7. Straight Leg Bounds
Straight leg bounds are great for targeting the hamstrings and glutes. They're performed by keeping your legs as straight as possible throughout the whole exercise. To cover ground, emphasize snapping your leg down and exploding forward instead of trying to reach. Thirty meters is a good distance for these also.
8. Forward Weight Throws
Forward weight throws are a great overall strength and power exercise. The throw is performed by holding a shot put between your legs, squatting down and then exploding up and out while your arms rip forward to release the weight. Use a challenging weight without sacrificing technique or possible injury.

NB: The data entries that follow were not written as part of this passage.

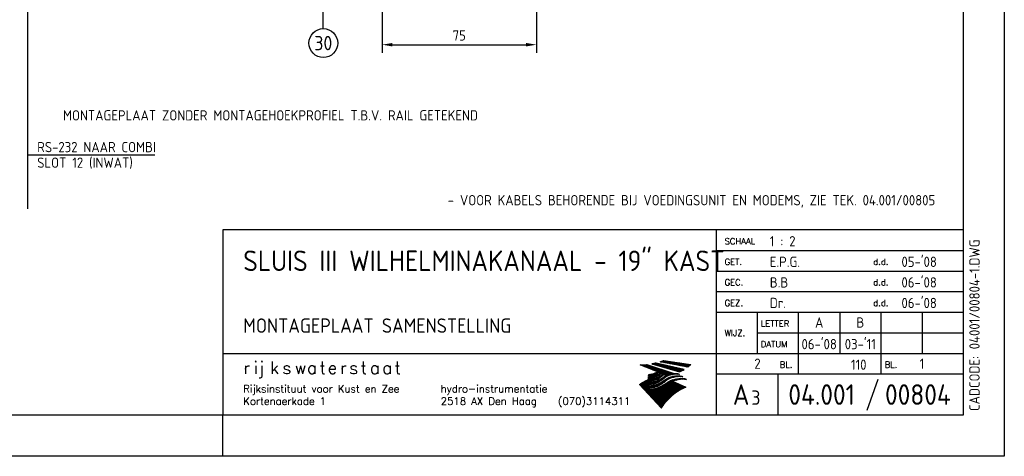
# Model space of a CAD drawing. Extents: x 0 to 420, y 0 to 297.
# Tile 11 of 12: x 181 to 420, y 0 to 106. Entities that reach past the tile are written whole.
import ezdxf
from ezdxf.enums import TextEntityAlignment as Align

# ---------------------------------------------------------------- set-up
doc = ezdxf.new("R2010")
doc.units = 0
doc.header["$PDMODE"] = 3
doc.header["$PDSIZE"] = -2
doc.layers.get('0').update_dxf_attribs({"linetype": 'CONTINUOUS'})
doc.layers.get('Defpoints').update_dxf_attribs({"linetype": 'CONTINUOUS'})
for name, color, linetype in [('L018', 7, 'CONTINUOUS'), ('L025', 4, 'CONTINUOUS'), ('L035', 2, 'CONTINUOUS'), ('L070', 1, 'CONTINUOUS'), ('T025', 4, 'CONTINUOUS'), ('T035', 2, 'CONTINUOUS'), ('T050', 6, 'CONTINUOUS')]:
    doc.layers.add(name, color=color, linetype=linetype)
doc.styles.add('ISO', font='ISO.SHX')
doc.styles.get("Standard").update_dxf_attribs({"font": 'SIMPLEX'})
doc.dimstyles.get("Standard").update_dxf_attribs({"dimtxt": 0.18, "dimasz": 0.18, "dimexe": 0.18, "dimexo": 0.0625, "dimgap": 0.09, "dimtad": 0, "dimtih": 1, "dimtoh": 1, "dimdec": 4, "dimzin": 0, "dimdsep": 46, "dimtxsty": 'Standard', "dimcen": 0.09, "dimadec": 0, "dimazin": 0, "dimtfac": 1, "dimtdec": 4, "dimtofl": 0, "dimtmove": 0, "dimatfit": 3, "dimfxl": 0, "dimtolj": 1, "dimtzin": 0, "dimarcsym": 0})

# ---------------------------------------------------------------- blocks, each defined once
blk = doc.blocks.new('*X3')
at = {"color": 0}
for p, q in [((124.46, 22.92), (124.55, 23.01)), ((124.58, 22.9), (124.79, 23.11)), ((124.7, 22.88), (125.06, 23.23)), ((124.82, 22.86), (125.23, 23.27)), ((124.94, 22.83), (125.35, 23.25)), ((125.06, 22.81), (125.48, 23.23)), ((125.18, 22.79), (125.6, 23.21)), ((125.3, 22.77), (125.72, 23.19)), ((125.42, 22.74), (125.85, 23.17)), ((125.54, 22.72), (125.97, 23.16)), ((125.65, 22.7), (126.09, 23.14)), ((125.77, 22.68), (126.22, 23.12)), ((125.89, 22.66), (126.34, 23.1)), ((126.01, 22.63), (126.46, 23.08)), ((126.13, 22.61), (126.58, 23.06)), ((126.25, 22.59), (126.71, 23.05)), ((126.37, 22.57), (126.83, 23.03)), ((126.49, 22.54), (126.95, 23.01)), ((126.61, 22.52), (127.08, 22.99)), ((126.73, 22.5), (127.2, 22.97)), ((126.85, 22.48), (127.32, 22.95)), ((126.97, 22.46), (127.44, 22.93)), ((127.08, 22.43), (127.57, 22.92)), ((127.2, 22.41), (127.69, 22.9)), ((127.32, 22.39), (127.81, 22.88)), ((127.44, 22.37), (127.94, 22.86)), ((127.56, 22.34), (128.06, 22.84)), ((127.68, 22.32), (128.18, 22.82)), ((127.8, 22.3), (128.31, 22.8)), ((127.92, 22.28), (128.43, 22.79)), ((128.04, 22.25), (128.55, 22.77)), ((128.16, 22.23), (128.67, 22.75)), ((128.28, 22.21), (128.8, 22.73)), ((128.4, 22.19), (128.92, 22.71)), ((128.51, 22.17), (129.04, 22.69)), ((128.63, 22.14), (129.17, 22.68)), ((128.75, 22.12), (129.29, 22.66)), ((128.87, 22.1), (129.41, 22.64)), ((128.99, 22.08), (129.53, 22.62)), ((129.11, 22.05), (129.66, 22.6)), ((129.23, 22.03), (129.78, 22.58)), ((129.35, 22.01), (129.9, 22.56)), ((129.47, 21.99), (130.03, 22.55)), ((129.59, 21.96), (130.15, 22.53)), ((129.71, 21.94), (130.27, 22.51)), ((129.82, 21.92), (130.39, 22.49)), ((129.94, 21.9), (130.52, 22.47)), ((130.06, 21.88), (130.64, 22.45)), ((130.18, 21.85), (130.76, 22.43)), ((130.3, 21.83), (130.89, 22.42)), ((130.42, 21.81), (131.01, 22.4)), ((130.54, 21.79), (131.13, 22.38)), ((130.66, 21.76), (131.26, 22.36)), ((130.78, 21.74), (131.38, 22.34)), ((130.9, 21.72), (131.5, 22.32)), ((131.02, 21.7), (131.62, 22.31)), ((131.46, 22), (131.75, 22.29))]:
    blk.add_line(p, q, dxfattribs=at)
blk = doc.blocks.new('*X2')
at = {"color": 0}
for p, q in [((122.38, 22.4), (122.44, 22.45)), ((122.49, 22.37), (122.61, 22.48)), ((122.61, 22.34), (122.78, 22.52)), ((122.72, 22.31), (122.96, 22.55)), ((122.83, 22.28), (123.14, 22.59)), ((122.94, 22.25), (123.33, 22.64)), ((123.05, 22.22), (123.47, 22.64)), ((123.16, 22.18), (123.58, 22.61)), ((123.27, 22.15), (123.7, 22.58)), ((123.38, 22.12), (123.81, 22.56)), ((123.49, 22.09), (123.93, 22.53)), ((123.6, 22.06), (124.04, 22.5)), ((123.71, 22.03), (124.16, 22.48)), ((123.82, 22), (124.28, 22.45)), ((123.94, 21.97), (124.39, 22.43)), ((124.05, 21.94), (124.51, 22.4)), ((124.16, 21.91), (124.62, 22.37)), ((124.27, 21.88), (124.74, 22.35)), ((124.38, 21.85), (124.85, 22.32)), ((124.49, 21.82), (124.97, 22.29)), ((124.6, 21.79), (125.08, 22.27)), ((124.71, 21.76), (125.2, 22.24)), ((124.82, 21.73), (125.31, 22.22)), ((124.93, 21.7), (125.43, 22.19)), ((125.04, 21.66), (125.54, 22.16)), ((125.15, 21.63), (125.66, 22.14)), ((125.27, 21.6), (125.77, 22.11)), ((125.38, 21.57), (125.89, 22.08)), ((125.49, 21.54), (126, 22.06)), ((125.6, 21.51), (126.12, 22.03)), ((125.71, 21.48), (126.23, 22.01)), ((125.82, 21.45), (126.35, 21.98)), ((125.93, 21.42), (126.46, 21.95)), ((126.04, 21.39), (126.58, 21.93)), ((126.15, 21.36), (126.69, 21.9)), ((126.26, 21.33), (126.81, 21.87)), ((126.37, 21.3), (126.92, 21.85)), ((126.48, 21.27), (127.04, 21.82)), ((126.6, 21.24), (127.15, 21.8)), ((126.71, 21.21), (127.27, 21.77)), ((126.82, 21.18), (127.38, 21.74)), ((126.93, 21.14), (127.5, 21.72)), ((127.04, 21.11), (127.62, 21.69)), ((127.15, 21.08), (127.73, 21.66)), ((127.26, 21.05), (127.85, 21.64)), ((127.37, 21.02), (127.96, 21.61)), ((127.48, 20.99), (128.08, 21.59)), ((127.59, 20.96), (128.19, 21.56)), ((127.7, 20.93), (128.31, 21.53)), ((127.81, 20.9), (128.42, 21.51)), ((127.93, 20.87), (128.54, 21.48)), ((128.04, 20.84), (128.65, 21.45)), ((128.15, 20.81), (128.77, 21.43)), ((128.26, 20.78), (128.88, 21.4)), ((128.37, 20.75), (129, 21.38)), ((128.48, 20.72), (129.11, 21.35)), ((128.59, 20.69), (129.23, 21.32)), ((128.7, 20.66), (129.34, 21.3)), ((128.81, 20.62), (129.46, 21.27)), ((128.92, 20.59), (129.57, 21.24)), ((129.03, 20.56), (129.69, 21.22)), ((129.24, 20.63), (129.8, 21.19)), ((129.5, 20.75), (129.92, 21.17)), ((129.79, 20.89), (130.03, 21.14)), ((130.1, 21.07), (130.15, 21.11))]:
    blk.add_line(p, q, dxfattribs=at)
blk = doc.blocks.new('*X1')
at = {"color": 0}
for p, q in [((119.5, 22.2), (119.5, 22.21)), ((119.6, 22.16), (119.64, 22.2)), ((119.7, 22.12), (119.79, 22.21)), ((119.8, 22.08), (119.93, 22.21)), ((119.9, 22.04), (120.07, 22.21)), ((120, 22), (120.22, 22.22)), ((120.1, 21.96), (120.37, 22.22)), ((120.2, 21.92), (120.52, 22.23)), ((120.31, 21.88), (120.67, 22.24)), ((120.41, 21.84), (120.82, 22.25)), ((120.51, 21.79), (120.98, 22.26)), ((120.61, 21.75), (121.12, 22.27)), ((120.71, 21.71), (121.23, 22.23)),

The goal is to throw the weight as far as possible.
9. Overhead Weight Throws
Overhead weight throws are also great for your overall power output. Although the weight is thrown behind you, the execution is similar to the forward weight throws. Stand with your back facing wherever you're throwing, hold the weight between your legs, squat down, then explode up and back releasing the weight over your head. This is definitely my favorite throwing exercise! It's a good idea to keep a record of your throws and monitor your progress throughout the season.
As far as sets and reps, it is ultimately up to you and/or your coach. Throughout my season, things change so I will do either less or more depending on the circumstances. Again, these exercises are meant to be powerful and are taxing on your CNS. So as a basic guideline, less is probably better. Quality over quantity! Good luck with your training.